Given data

.....

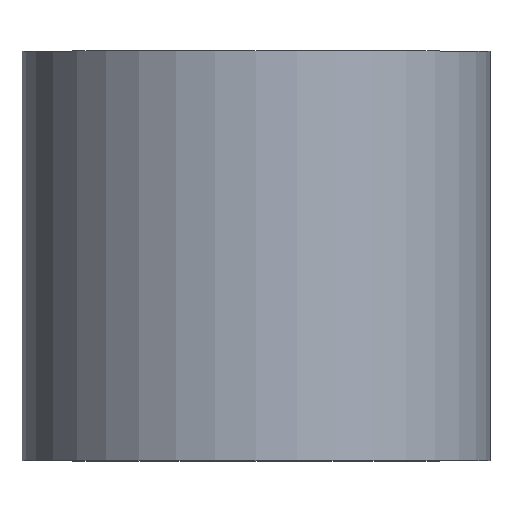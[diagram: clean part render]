
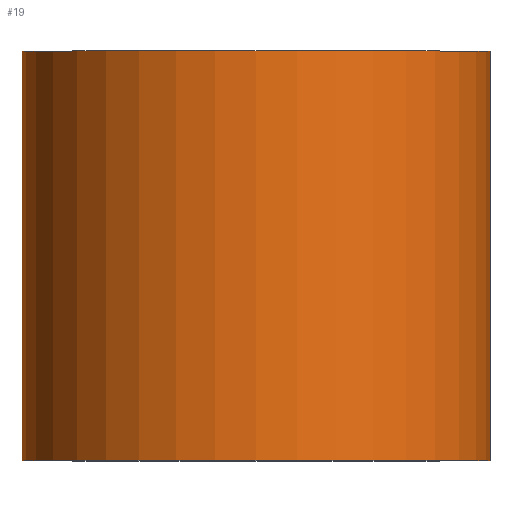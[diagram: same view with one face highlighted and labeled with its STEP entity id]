
A CAD part, top view. The second image highlights one B-rep face of the part: STEP entity #19.
In plain terms, the highlighted cylindrical face has radius 20 mm (diameter 40 mm), a partial arc.
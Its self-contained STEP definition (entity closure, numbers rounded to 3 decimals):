
#17 = CARTESIAN_POINT ( 'NONE',  ( 20., 35., 0. ) ) ;
#19 = ADVANCED_FACE ( 'NONE', ( #340 ), #486, .T. ) ;
#20 = CARTESIAN_POINT ( 'NONE',  ( 20., 0., 0. ) ) ;
#34 = CIRCLE ( 'NONE', #73, 20. ) ;
#35 = CARTESIAN_POINT ( 'NONE',  ( -20., 0., 0. ) ) ;
#38 = DIRECTION ( 'NONE',  ( 1., 0., 0. ) ) ;
#61 = DIRECTION ( 'NONE',  ( 1., 0., 0. ) ) ;
#69 = EDGE_CURVE ( 'NONE', #248, #399, #34, .T. ) ;
#73 = AXIS2_PLACEMENT_3D ( 'NONE', #487, #253, #112 ) ;
#74 = VECTOR ( 'NONE', #366, 1000. ) ;
#94 = ORIENTED_EDGE ( 'NONE', *, *, #328, .T. ) ;
#112 = DIRECTION ( 'NONE',  ( 1., 0., 0. ) ) ;
#118 = CARTESIAN_POINT ( 'NONE',  ( -20., 17.5, 0. ) ) ;
#126 = LINE ( 'NONE', #118, #439 ) ;
#172 = EDGE_CURVE ( 'NONE', #399, #242, #126, .T. ) ;
#176 = AXIS2_PLACEMENT_3D ( 'NONE', #519, #427, #38 ) ;
#178 = DIRECTION ( 'NONE',  ( 0., 1., 0. ) ) ;
#181 = CARTESIAN_POINT ( 'NONE',  ( 20., 17.5, 0. ) ) ;
#202 = CARTESIAN_POINT ( 'NONE',  ( 0., 17.5, 0. ) ) ;
#215 = EDGE_LOOP ( 'NONE', ( #447, #461, #412, #94 ) ) ;
#242 = VERTEX_POINT ( 'NONE', #542 ) ;
#246 = DIRECTION ( 'NONE',  ( 0., 1., 0. ) ) ;
#248 = VERTEX_POINT ( 'NONE', #20 ) ;
#253 = DIRECTION ( 'NONE',  ( 0., -1., 0. ) ) ;
#274 = LINE ( 'NONE', #181, #74 ) ;
#328 = EDGE_CURVE ( 'NONE', #497, #242, #360, .T. ) ;
#336 = EDGE_CURVE ( 'NONE', #248, #497, #274, .T. ) ;
#340 = FACE_OUTER_BOUND ( 'NONE', #215, .T. ) ;
#360 = CIRCLE ( 'NONE', #176, 20. ) ;
#366 = DIRECTION ( 'NONE',  ( 0., 1., 0. ) ) ;
#373 = AXIS2_PLACEMENT_3D ( 'NONE', #202, #246, #61 ) ;
#399 = VERTEX_POINT ( 'NONE', #35 ) ;
#412 = ORIENTED_EDGE ( 'NONE', *, *, #336, .T. ) ;
#427 = DIRECTION ( 'NONE',  ( 0., -1., 0. ) ) ;
#439 = VECTOR ( 'NONE', #178, 1000. ) ;
#447 = ORIENTED_EDGE ( 'NONE', *, *, #172, .F. ) ;
#461 = ORIENTED_EDGE ( 'NONE', *, *, #69, .F. ) ;
#486 = CYLINDRICAL_SURFACE ( 'NONE', #373, 20. ) ;
#487 = CARTESIAN_POINT ( 'NONE',  ( 0., 0., 0. ) ) ;
#497 = VERTEX_POINT ( 'NONE', #17 ) ;
#519 = CARTESIAN_POINT ( 'NONE',  ( 0., 35., 0. ) ) ;
#542 = CARTESIAN_POINT ( 'NONE',  ( -20., 35., 0. ) ) ;

.....

What to produce
Repeat the records above word for word, apart from the pictures.

Exercise answer
[diagram: clean part render]
[diagram: same view with one face highlighted and labeled with its STEP entity id]
A CAD part, top view. The second image highlights one B-rep face of the part: STEP entity #19.
In plain terms, the highlighted cylindrical face has radius 20 mm (diameter 40 mm), a partial arc.
Its self-contained STEP definition (entity closure, numbers rounded to 3 decimals):
#17 = CARTESIAN_POINT ( 'NONE',  ( 20., 35., 0. ) ) ;
#19 = ADVANCED_FACE ( 'NONE', ( #340 ), #486, .T. ) ;
#20 = CARTESIAN_POINT ( 'NONE',  ( 20., 0., 0. ) ) ;
#34 = CIRCLE ( 'NONE', #73, 20. ) ;
#35 = CARTESIAN_POINT ( 'NONE',  ( -20., 0., 0. ) ) ;
#38 = DIRECTION ( 'NONE',  ( 1., 0., 0. ) ) ;
#61 = DIRECTION ( 'NONE',  ( 1., 0., 0. ) ) ;
#69 = EDGE_CURVE ( 'NONE', #248, #399, #34, .T. ) ;
#73 = AXIS2_PLACEMENT_3D ( 'NONE', #487, #253, #112 ) ;
#74 = VECTOR ( 'NONE', #366, 1000. ) ;
#94 = ORIENTED_EDGE ( 'NONE', *, *, #328, .T. ) ;
#112 = DIRECTION ( 'NONE',  ( 1., 0., 0. ) ) ;
#118 = CARTESIAN_POINT ( 'NONE',  ( -20., 17.5, 0. ) ) ;
#126 = LINE ( 'NONE', #118, #439 ) ;
#172 = EDGE_CURVE ( 'NONE', #399, #242, #126, .T. ) ;
#176 = AXIS2_PLACEMENT_3D ( 'NONE', #519, #427, #38 ) ;
#178 = DIRECTION ( 'NONE',  ( 0., 1., 0. ) ) ;
#181 = CARTESIAN_POINT ( 'NONE',  ( 20., 17.5, 0. ) ) ;
#202 = CARTESIAN_POINT ( 'NONE',  ( 0., 17.5, 0. ) ) ;
#215 = EDGE_LOOP ( 'NONE', ( #447, #461, #412, #94 ) ) ;
#242 = VERTEX_POINT ( 'NONE', #542 ) ;
#246 = DIRECTION ( 'NONE',  ( 0., 1., 0. ) ) ;
#248 = VERTEX_POINT ( 'NONE', #20 ) ;
#253 = DIRECTION ( 'NONE',  ( 0., -1., 0. ) ) ;
#274 = LINE ( 'NONE', #181, #74 ) ;
#328 = EDGE_CURVE ( 'NONE', #497, #242, #360, .T. ) ;
#336 = EDGE_CURVE ( 'NONE', #248, #497, #274, .T. ) ;
#340 = FACE_OUTER_BOUND ( 'NONE', #215, .T. ) ;
#360 = CIRCLE ( 'NONE', #176, 20. ) ;
#366 = DIRECTION ( 'NONE',  ( 0., 1., 0. ) ) ;
#373 = AXIS2_PLACEMENT_3D ( 'NONE', #202, #246, #61 ) ;
#399 = VERTEX_POINT ( 'NONE', #35 ) ;
#412 = ORIENTED_EDGE ( 'NONE', *, *, #336, .T. ) ;
#427 = DIRECTION ( 'NONE',  ( 0., -1., 0. ) ) ;
#439 = VECTOR ( 'NONE', #178, 1000. ) ;
#447 = ORIENTED_EDGE ( 'NONE', *, *, #172, .F. ) ;
#461 = ORIENTED_EDGE ( 'NONE', *, *, #69, .F. ) ;
#486 = CYLINDRICAL_SURFACE ( 'NONE', #373, 20. ) ;
#487 = CARTESIAN_POINT ( 'NONE',  ( 0., 0., 0. ) ) ;
#497 = VERTEX_POINT ( 'NONE', #17 ) ;
#519 = CARTESIAN_POINT ( 'NONE',  ( 0., 35., 0. ) ) ;
#542 = CARTESIAN_POINT ( 'NONE',  ( -20., 35., 0. ) ) ;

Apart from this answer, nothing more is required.